Need to incorporate change for upcoming sparse index support.

Solution

Incorporating these changes represents a few different types of challenges

Control plane changes

Create index adjusted to accept new optional field, vector_type.

Data plane changes

Codegen for proto changes
- Needed to add codegen scripts to support generation of new grpc message formats from an updated proto file for the first time. This used to be done with some scripts directly invoking protoc CLI from the now-deprecated private repo pinecone-protos. But since we've moved away from that pattern, needed to implement something here for the first time.
- I decided to use the Buf CLI, which gives a more modern way to manage the required dependencies for stub generation via a plugin system.
Dependency changes
- Had to bump our protobuf and googleapis-common-protos deps to match the Buf cli's plugin output. But that's a good thing as we were on fairly old versions and updating protobuf in particular is supposed to unlock some nontrivial performance benefit.
Vector object switcheroo for UX
- The Vector object generated by OpenAPI for the REST pathway was unfortunately insisting that an empty array values=[] be sent when upserting for sparse indexes. This seems annoying and stupid if you are focused on the sparse use case, so I ended up moving away from having users use that generated object in favor of my own custom Vector dataclass.
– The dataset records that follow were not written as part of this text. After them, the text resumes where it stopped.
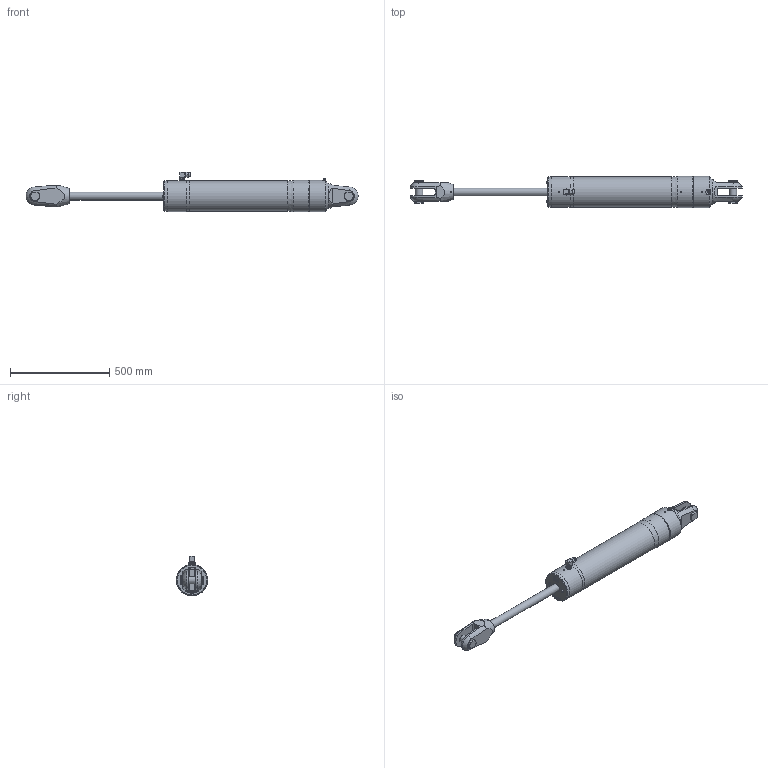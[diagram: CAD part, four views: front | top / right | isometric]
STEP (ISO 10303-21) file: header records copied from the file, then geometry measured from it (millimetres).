
FILE_DESCRIPTION(/* description */ (''),/* implementation_level */ '2;1');
FILE_NAME(/* name */ 'Q:\AA BRAND HYDRAULICS\HYDRAULICS FAMILY DIRECTORY\HYDRAULICS\CYLINDERS\RAMS\STAINLESS - STANDARD SINGLE ACTING (-0006 To -0260)\RSS-0115-S0475-NP-71\RSS-0115-S0475-NP-71 (Open).stp',/* time_stamp */ '2018-02-07T17:16:58+00:00',/* author */ ('Lorena'),/* organization */ (''),/* preprocessor_version */ 'ST-DEVELOPER v17',/* originating_system */ 'Autodesk Inventor 2018',/* authorisation */ '');
FILE_SCHEMA (('AUTOMOTIVE_DESIGN { 1 0 10303 214 3 1 1 }'));
Length unit declared in the file: millimetre
Products named in the file (1): RSS-0115-S0475-NP-71 (Open)
Bounding box: 1668.84 x 157.4 x 198.3 mm (x, y, z)
Volume: 18119122.2 mm3; surface area: 663835.1 mm2
Topology: 2 solids, 4 shells, 1775 faces, 4792 edges, 3172 vertices
Faces by surface type: plane 1008, bspline 574, cone 110, cylinder 75, torus 4, sphere 4
Full cylindrical faces by diameter (mm): 4 x1, 4.134 x1, 4.2 x1, 5 x2, 7 x1, 9 x1, 9.9 x1, 10 x2, 11.1 x1, 18.9 x1, 19 x2, 19.11 x1, 19.9 x1, 20 x1, 20.9 x2, 22 x2, 24 x2, 27.8 x3, 30 x1, 38.1 x2, 40 x1, 47 x1, 47.625 x2, 150.8 x1, 152.4 x1, 155.4 x1, 156.4 x1, 157.4 x2
Entity records: 63047 total; most frequent: CARTESIAN_POINT 20871, ORIENTED_EDGE 9570, DIRECTION 6268, EDGE_CURVE 4785, VERTEX_POINT 3174, LINE 2968, VECTOR 2968, EDGE_LOOP 1939

The blast radius of this change was fairly large, requiring updates to the various vector factory classes and hundreds of tests.
- For those keeping score, there are now 5 similar things that can be called Vector inside the SDK:
  - a class generated with OpenAPI
  - a grpc Message object
  - a user-supplied dictionary with specific keys defined by a TypedDict
  - a user-supplied tuple with either 2 or 3 elements representing id, values, and metadata
  - New: a @dataclass I created in this PR
- Out of these "vector" things listed above, the SDK used to provide the OpenAPI vector class to those who write code along the lines of from pinecone import Vector. This was already bad due to the interoperability problems between the GRPC and REST code paths this brought into the vector factory classes (e.g. if you were attempting to pass an OpenAPI Vector object into the GRPC-based upsert implementation extra logic was needed to convert that into the grpc Message object). But with the introduction of sparse, there was no workaround that would give the user the ability to instantiate the OpenAPI vector without also passing values=[] which just seemed like a bridge too far from a UX standpoint. So the decision was made to use this name Vector to refer to the custom dataclass instead and have that be the main vehicle for user input.
- This object switch also caused a bunch of mypy type checks and tests to start failing in subtle ways that required extra time and effort to track down since even though the new and old objects were functionally equivalent to the user they are not the same to the type checker so many type annotations and tests had to be adjusted. But seems worth it for the better UX, and also gets us onto a standard footing for how input should be supplied to both REST and GRPC index clients.
I started writing new integration tests for sparse indexes, but they're disabled in this PR because they currently can't run on prod.

Other changes

I disabled tests on the CI dev release workflow. Seems like I end up doing this every time I am working on a complex change and want to do some hands on testing with google colab even when 100% of tests aren't passing. I think I will leave the tests commented out until I can figiure out how to wire up a config option that controls them.
I created some named type definitions under pinecone/data/types for dictionary objects the user can pass in various places for vector, sparse values, metadata, filter, etc. This is to increase the consistency and readability of types in the code. When they were defined inline, sometimes small inconsistencies creep in. This wasn't really planned in advance, but I had enough challenges wrangling mypy that it seemed simpler to actually centralize some of these definitions into one place than try to iron out minor inconsistencies any other way.
A lot of fixture stuff was moved out of tests/integration/data/conftest and into individual test files. This unified "upsert everything, then run all the tests" approach first began when the product surface was much smaller and freshness was a much bigger problem so it was more advantageous to do all the post-upsert waiting at one time before running any tests. In practice, this has been a big obstacle to development because it means you can't easily run a single test file without the heavy duty global setup and it creates a big opportunity for test pollution if any tests modify state in the index. Breaking this up and putting setup closer to the places where it is tested solves this problem and makes it easier to work with individual test files.

Usage

import random
from pinecone import ServerlessSpec, Vector, SparseVector

pc = Pinecone(api_key='key')

# Create sparse index
index_name = f"sparse-testing-{random.randint(0,10000)}"
pc.create_index(
    name=index_name,
    metric='dotproduct',
    spec=ServerlessSpec(cloud='aws', region='us-east-1'),
    vector_type='sparse'
)

# Get the index client
sparse_index = pc.Index(name=index_name)

# Upsert sparse (random data just for illustration purposes)
def unique_random_integers(n, range_start, range_end):
    if n > (range_end - range_start + 1):
        raise ValueError("Range too small for the requested number of unique integers")
    return random.sample(range(range_start, range_end + 1), n)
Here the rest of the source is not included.